» What to do
Output each record verbatim, with pictures left out.

» Raw data

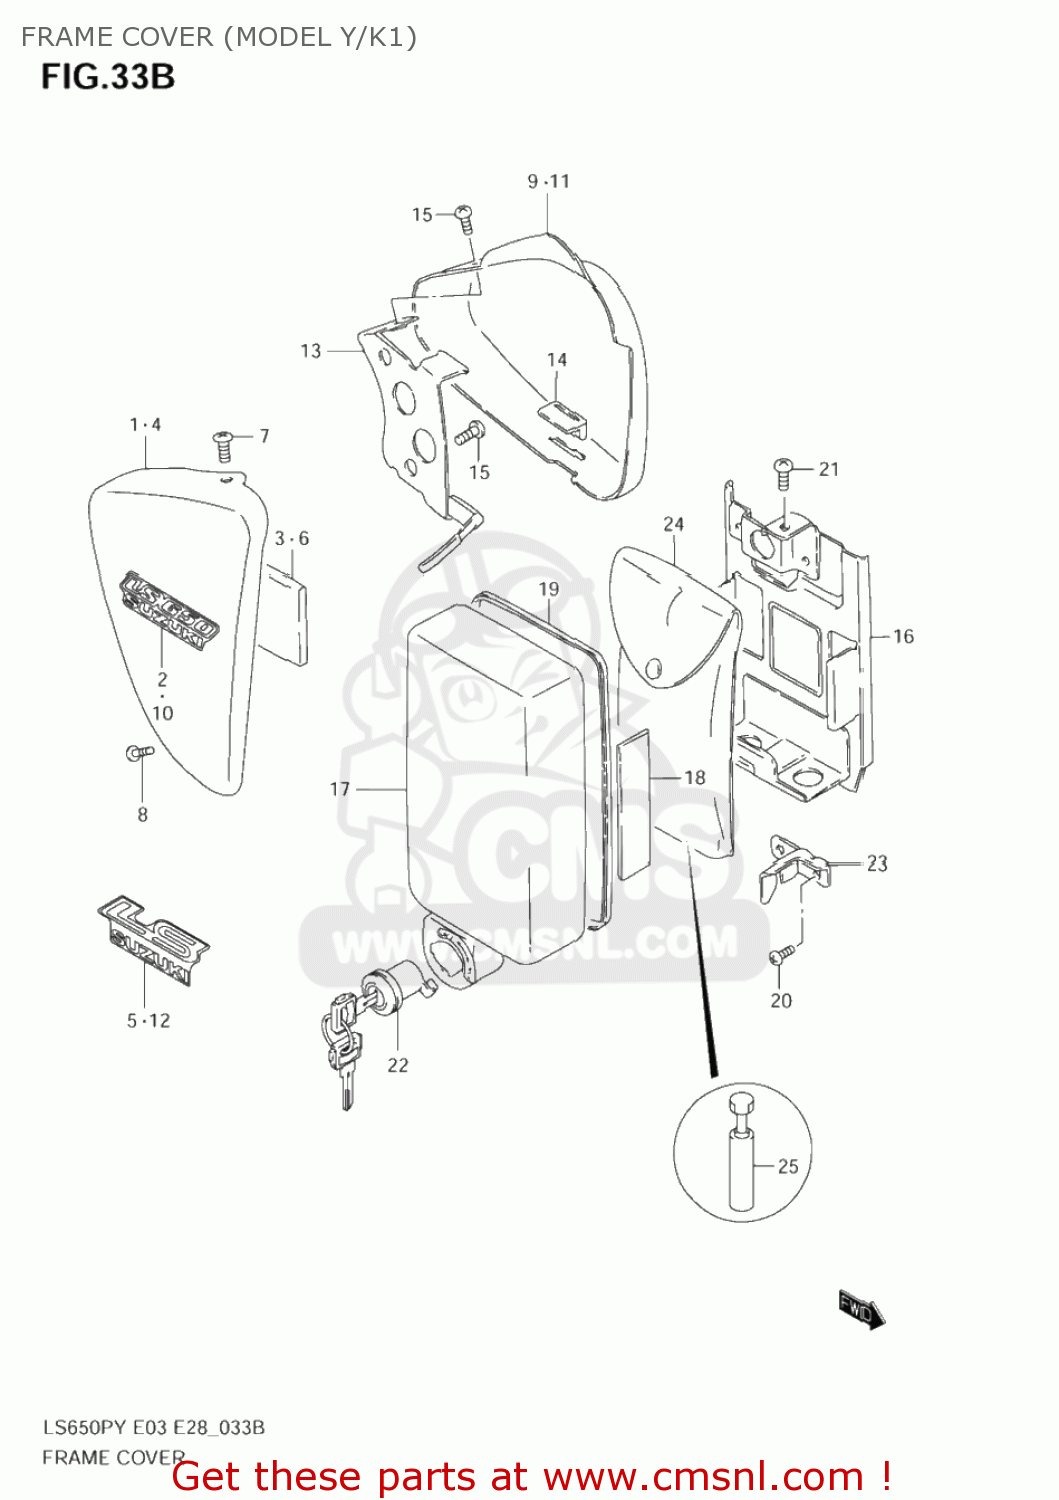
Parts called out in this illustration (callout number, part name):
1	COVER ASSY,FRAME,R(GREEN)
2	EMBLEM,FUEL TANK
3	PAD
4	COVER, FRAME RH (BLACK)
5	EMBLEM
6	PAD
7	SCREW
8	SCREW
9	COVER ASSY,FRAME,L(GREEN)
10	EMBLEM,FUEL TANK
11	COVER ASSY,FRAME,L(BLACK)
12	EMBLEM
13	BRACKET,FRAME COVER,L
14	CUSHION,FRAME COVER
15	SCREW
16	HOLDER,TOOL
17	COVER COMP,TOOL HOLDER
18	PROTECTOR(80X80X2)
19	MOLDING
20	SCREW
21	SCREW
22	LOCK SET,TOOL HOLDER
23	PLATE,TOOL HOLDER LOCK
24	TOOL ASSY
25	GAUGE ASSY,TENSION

» Solution to this task
Parts called out in this illustration (callout number, part name):
1	COVER ASSY,FRAME,R(GREEN)
2	EMBLEM,FUEL TANK
3	PAD
4	COVER, FRAME RH (BLACK)
5	EMBLEM
6	PAD
7	SCREW
8	SCREW
9	COVER ASSY,FRAME,L(GREEN)
10	EMBLEM,FUEL TANK
11	COVER ASSY,FRAME,L(BLACK)
12	EMBLEM
13	BRACKET,FRAME COVER,L
14	CUSHION,FRAME COVER
15	SCREW
16	HOLDER,TOOL
17	COVER COMP,TOOL HOLDER
18	PROTECTOR(80X80X2)
19	MOLDING
20	SCREW
21	SCREW
22	LOCK SET,TOOL HOLDER
23	PLATE,TOOL HOLDER LOCK
24	TOOL ASSY
25	GAUGE ASSY,TENSION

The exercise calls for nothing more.